I personally know two horses with narcolepsy. As far as I know, there's not really anything you can do to treat it. I may be wrong though. We just make sure to keep them interested and moving about a bit when they have to be tied (for example to tack/untack or at a show) to keep them awake. We're also very careful about keeping them moving when someone's on their back as that could be disastrous. It's really not that big of a deal as far as I'm concerned. You just have to be a bit more careful ;]
Narcolepsy in equines is actually rare. Many horses that are labelled "narcoleptic" are actually sleep deprived.
You say that this horse has always been nervous, have you ever seen her lay down to sleep?
How common are seizures in horses? I know nothing about it in equine medicine, but I know the "zoning out" followed by collapse was how a collie I had a few years ago presented with grand mal seizures - she never had the stereotypical muscle contractions - the vet said the "zoning out" part WAS the seizure.

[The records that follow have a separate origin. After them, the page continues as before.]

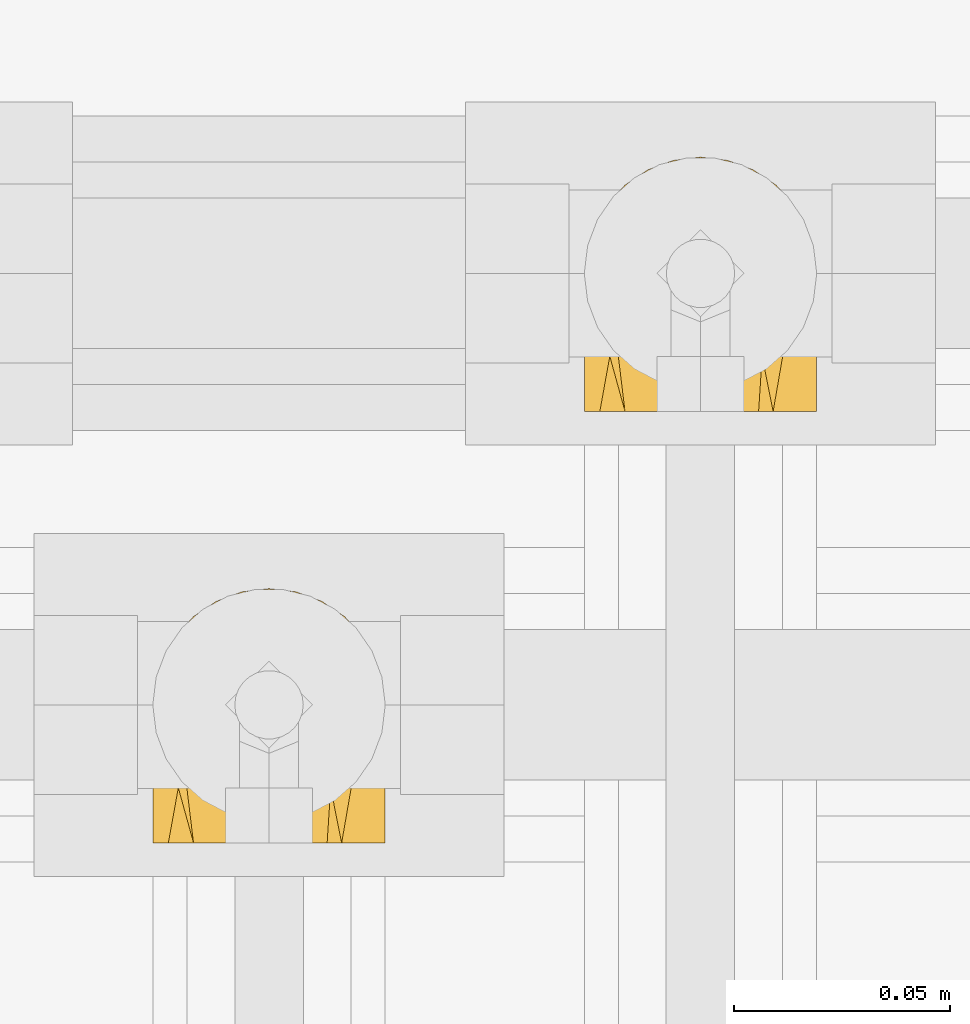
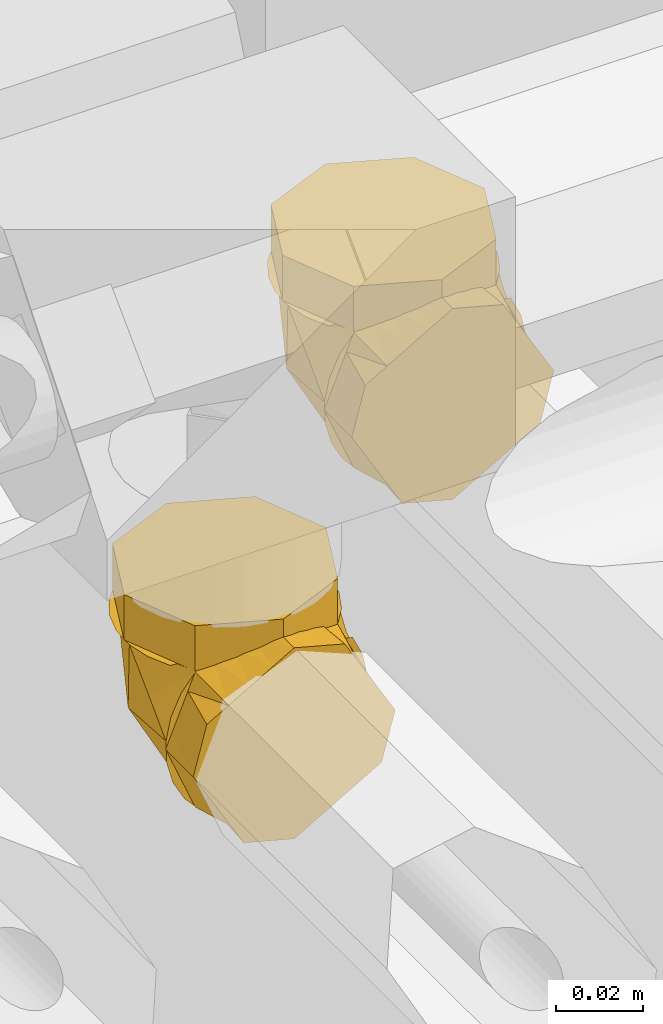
# One storey, part 363 of 652: 2 coverings.
"""IFC2X3 building model written with IfcOpenShell, lengths in millimetres."""

from ifc_helpers import new_model, entity, si_unit, converted_unit, direction, frame, origin, place, context, subcontext, project, spatial, face_set, surface_model, material, type_object, element, save


model = new_model("IFC2X3")

# Units and contexts
model_context = context("Model", 3, precision=0.01, world=frame((0.0, 0.0, 308426.39999999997)), true_north=direction((6.123233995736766e-17, 1.0)))
plan_context = context("Plan", 3, precision=0.01, world=frame((0.0, 0.0, 308426.39999999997)), true_north=direction((6.123233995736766e-17, 1.0)))
body_context = subcontext(model_context, "Body", "Model", "MODEL_VIEW")
ifc_project = project(units=[si_unit("LENGTHUNIT", "METRE", prefix="MILLI"), si_unit("AREAUNIT", "SQUARE_METRE"), si_unit("VOLUMEUNIT", "CUBIC_METRE"), converted_unit("PLANEANGLEUNIT", "DEGREE", entity("IfcPlaneAngleMeasure", 0.017453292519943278), si_unit("PLANEANGLEUNIT", "RADIAN"), dimensions=[0, 0, 0, 0, 0, 0, 0])], contexts=[model_context, plan_context])

# Site, building, storey
site_placement = place(None, origin())
site = spatial("IfcSite", under=ifc_project, at=site_placement, Name="Default", CompositionType="ELEMENT")
building_placement = place(site_placement, origin())
building = spatial("IfcBuilding", under=site, at=building_placement, CompositionType="ELEMENT")
storey_placement = place(building_placement, frame((0.0, 0.0, 1730.6999999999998)))
storey = spatial("IfcBuildingStorey", under=building, at=storey_placement, Name="EG_Produktion_FFB", CompositionType="ELEMENT", Elevation=1730.6999999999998)

# Coverings
ifc_material = material(Name="Dämmung - Armaflex-Schlauch")
covering_type = type_object("IfcCoveringType", Name="Rohrdämmung außen:Armaflex-Schlauch", PredefinedType="INSULATION")
covering_1_placement = place(storey_placement, frame((64741.46722776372, 41593.014699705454, 3671.4672277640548)))
element("IfcCovering", 1, at=covering_1_placement, inside=storey, type_object=covering_type, material=ifc_material, Name="Rohrdämmung außen:Armaflex-Schlauch", ObjectType="Rohrdämmung außen:Armaflex-Schlauch", PredefinedType="INSULATION", context=body_context, shape_type="SurfaceModel", body=[
    surface_model("IfcFaceBasedSurfaceModel", [(47.409122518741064, 12.766249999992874, 47.750272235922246), (51.38658262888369, 17.724287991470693, 47.750272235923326), (54.0915642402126, 23.47627931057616, 47.750272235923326), (55.37345654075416, 29.70195853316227, 47.75027223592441), (55.16088498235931, 36.054685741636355, 47.75027223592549), (53.465685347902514, 42.1807471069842, 47.75027223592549), (50.38224474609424, 47.7390493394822, 47.75027223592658), (46.08224622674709, 52.420111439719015, 47.75027223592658), (40.8051096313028, 55.963296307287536, 47.75027223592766), (34.844660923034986, 58.17132276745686, 47.75027223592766), (28.532772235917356, 58.921249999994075, 47.75027223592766), (22.220883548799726, 58.17132276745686, 47.75027223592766), (16.26043484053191, 55.963296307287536, 47.75027223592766), (10.983298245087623, 52.420111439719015, 47.75027223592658), (6.683299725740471, 47.7390493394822, 47.75027223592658), (3.599859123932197, 42.1807471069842, 47.75027223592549), (1.904659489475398, 36.054685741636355, 47.75027223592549), (1.6920879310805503, 29.70195853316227, 47.75027223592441), (2.973980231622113, 23.47627931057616, 47.750272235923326), (5.678961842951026, 17.724287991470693, 47.750272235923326), (9.65642195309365, 12.766249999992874, 47.750272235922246), (5.678961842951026, 12.766249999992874, 42.79223424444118), (2.973980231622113, 12.766249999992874, 37.04024292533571), (1.6920879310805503, 12.766249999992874, 30.81456370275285), (1.904659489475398, 12.766249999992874, 24.46183649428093), (3.599859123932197, 12.766249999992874, 18.335775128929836), (6.683299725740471, 12.766249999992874, 12.777472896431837), (10.983298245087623, 12.766250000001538, 8.096410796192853), (16.26043484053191, 12.766250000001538, 4.5532259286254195), (22.220883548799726, 12.766250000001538, 2.3451994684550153), (28.532772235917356, 12.766250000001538, 1.5952722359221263), (34.844660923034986, 12.766250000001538, 2.3451994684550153), (40.8051096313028, 12.766250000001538, 4.553225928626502), (46.08224622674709, 12.766250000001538, 8.096410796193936), (50.38224474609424, 12.766249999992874, 12.777472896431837), (53.465685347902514, 12.766249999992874, 18.33577512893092), (55.16088498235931, 12.766249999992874, 24.46183649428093), (55.37345654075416, 12.766249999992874, 30.81456370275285), (54.0915642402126, 12.766249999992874, 37.04024292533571), (51.38658262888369, 12.766249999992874, 42.79223424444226), (54.78698366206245, 21.445200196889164, 37.807698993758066), (28.5327722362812, 52.73631347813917, 24.673035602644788), (53.46613405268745, 33.565390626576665, 26.950803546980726), (50.7267663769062, 41.06260742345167, 47.75011537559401), (28.5327722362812, 31.030661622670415, 12.1400796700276), (42.77841432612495, 41.843955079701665, 17.332785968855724), (50.7267663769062, 12.766660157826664, 19.45533082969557), (14.287130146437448, 41.843955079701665, 17.332785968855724), (2.278560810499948, 21.445200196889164, 37.807698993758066), (3.5994104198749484, 33.565390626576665, 26.950803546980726), (6.338778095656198, 12.766660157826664, 19.45533082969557), (6.338778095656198, 41.06260742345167, 47.75011537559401), (42.81853892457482, 53.00389168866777, 60.51652223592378), (38.056616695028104, 54.97634445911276, 60.5165222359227), (33.29469446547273, 56.94879722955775, 60.5165222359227), (28.532772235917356, 58.921250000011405, 60.5165222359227), (23.77085000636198, 56.94879722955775, 60.5165222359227), (19.008927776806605, 54.97634445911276, 60.5165222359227), (14.247005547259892, 53.00389168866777, 60.51652223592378), (9.485083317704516, 51.03143891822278, 60.51652223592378), (7.512630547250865, 46.26951668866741, 60.51652223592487), (5.540177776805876, 41.507594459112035, 60.51652223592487), (3.567725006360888, 36.74567222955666, 60.51652223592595), (1.5952722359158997, 31.983750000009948, 60.516522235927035), (3.567725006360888, 27.221827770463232, 60.516522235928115), (5.540177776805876, 22.459905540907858, 60.516522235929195), (7.512630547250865, 17.697983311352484, 60.516522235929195), (9.485083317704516, 12.936061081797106, 60.51652223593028), (14.247005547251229, 10.963608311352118, 60.51652223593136), (19.008927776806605, 8.99115554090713, 60.51652223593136), (23.77085000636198, 7.018702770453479, 60.51652223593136), (28.532772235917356, 5.046250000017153, 60.51652223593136), (33.29469446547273, 7.018702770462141, 60.51652223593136), (38.056616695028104, 8.99115554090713, 60.51652223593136), (42.81853892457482, 10.963608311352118, 60.51652223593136), (47.5804611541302, 12.936061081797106, 60.51652223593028), (49.55291392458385, 17.697983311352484, 60.516522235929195), (51.525366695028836, 22.459905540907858, 60.516522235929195), (53.49781946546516, 27.22182777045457, 60.516522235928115), (55.47027223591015, 31.983750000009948, 60.516522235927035), (53.497819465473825, 36.74567222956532, 60.51652223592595), (51.525366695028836, 41.507594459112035, 60.51652223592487), (49.55291392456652, 46.26951668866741, 60.51652223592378), (47.5804611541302, 51.03143891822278, 60.51652223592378), (28.532772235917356, 58.92125000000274, 47.75027223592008), (33.29469446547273, 56.948797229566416, 47.75027223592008), (38.056616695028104, 54.97634445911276, 47.750272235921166), (42.81853892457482, 53.00389168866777, 47.750272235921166), (47.5804611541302, 51.03143891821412, 47.750272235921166), (49.96980627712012, 45.26304951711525, 47.750272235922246), (52.35915140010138, 39.49466011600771, 47.750272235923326), (55.47027223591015, 31.983750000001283, 47.75027223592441), (53.497819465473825, 27.22182777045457, 47.75027223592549), (51.525366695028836, 22.459905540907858, 47.75027223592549), (49.552913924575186, 17.697983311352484, 47.75027223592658), (47.5804611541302, 12.936061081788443, 47.75027223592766), (41.81207175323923, 10.546715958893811, 47.75027223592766), (36.0436823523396, 8.157370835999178, 47.75027223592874), (28.532772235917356, 5.046250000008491, 47.75027223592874), (23.77085000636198, 7.018702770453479, 47.75027223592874), (19.008927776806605, 8.99115554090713, 47.75027223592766), (14.247005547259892, 10.963608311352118, 47.75027223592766), (9.485083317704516, 12.936061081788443, 47.75027223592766), (7.095738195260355, 18.704450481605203, 47.75027223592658), (4.706393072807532, 24.472839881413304, 47.75027223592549), (1.5952722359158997, 31.983750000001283, 47.75027223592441), (3.567725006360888, 36.74567222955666, 47.750272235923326), (5.540177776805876, 41.507594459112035, 47.750272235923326), (7.512630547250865, 46.26951668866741, 47.750272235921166), (9.485083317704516, 51.03143891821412, 47.750272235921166), (15.253472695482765, 53.420784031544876, 47.750272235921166), (21.021862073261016, 55.810129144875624, 47.75027223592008), (28.532772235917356, 0.0, 1.595272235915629), (34.36491206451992, 0.0, 4.962459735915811), (40.197051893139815, 0.0, 8.329647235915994), (46.02919172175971, 0.0, 11.696834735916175), (51.86133155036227, 0.0, 15.064022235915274), (53.66580189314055, 0.0, 21.798397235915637), (55.47027223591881, 0.0, 28.532772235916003), (52.10308473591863, 0.0, 34.36491206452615), (48.73589723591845, 0.0, 40.19705189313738), (45.368709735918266, 0.0, 46.02919172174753), (42.00152223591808, 0.0, 51.861331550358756), (35.26714723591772, 0.0, 53.66580189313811), (28.532772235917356, 0.0, 55.470272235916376), (22.700632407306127, 0.0, 52.10308473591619), (16.868492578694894, 0.0, 48.73589723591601), (11.036352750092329, 0.0, 45.36870973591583), (5.204212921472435, 0.0, 42.00152223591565), (3.3997425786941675, 0.0, 35.26714723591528), (1.5952722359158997, 0.0, 28.532772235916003), (4.962459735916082, 0.0, 22.700632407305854), (8.329647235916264, 0.0, 16.868492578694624), (11.696834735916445, 0.0, 11.036352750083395), (15.064022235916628, 0.0, 5.204212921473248), (21.79839723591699, 0.0, 3.399742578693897), (28.532772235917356, 12.766250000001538, 1.595272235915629), (23.77085000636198, 12.766250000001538, 3.567725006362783), (19.008927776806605, 12.766250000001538, 5.540177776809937), (14.247005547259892, 12.766250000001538, 7.512630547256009), (9.485083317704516, 12.766250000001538, 9.485083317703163), (7.512630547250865, 12.766250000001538, 14.247005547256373), (5.540177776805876, 12.766250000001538, 19.008927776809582), (3.567725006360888, 12.766250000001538, 23.770850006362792), (1.5952722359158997, 12.766250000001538, 28.532772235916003), (3.567725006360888, 12.766250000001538, 33.29469446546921), (5.540177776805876, 12.766250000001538, 38.05661669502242), (7.512630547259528, 12.766250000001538, 42.818538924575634), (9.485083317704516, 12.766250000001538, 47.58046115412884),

My horse did that off and on for over two years. I was told it is sleep deprivation. I recently moved him to a barn where he's extremely happy and is sleeping lying down for the first time ever. The falling down episodes have stopped. Try to determine if she is lying down to sleep. That's most likely what's going on.
Thank you for the responses. The sleep deprivation crossed my mind. But the mare is seen regularly passed out in the pasture on her side. However, in her prior condition, I never saw her sleep. The mare will stall walk constantly when kept in a stall, so she usually comes in to eat and returns to the pasture with 2 other horses. What seemed interesting to me was the sudden onset of the condition just as the skin was clearing up after 4 years of being *****, scabby, and untouchable. During those 4 years, she was so defensive that she was often marked as crazy and dangerous, so I doubt sleep was good for her, but now I know that she is sleeping regularly.
We are having blood work done on her to see if there are any other things that could be causing it. She was on antibiotics for an extended period of time, not to mention the other things on this mares laundry list of problems. The seizures are interesting, The zoning seemed strange to me and seemed to be what sparked it in the vet that we may be dealing with something more.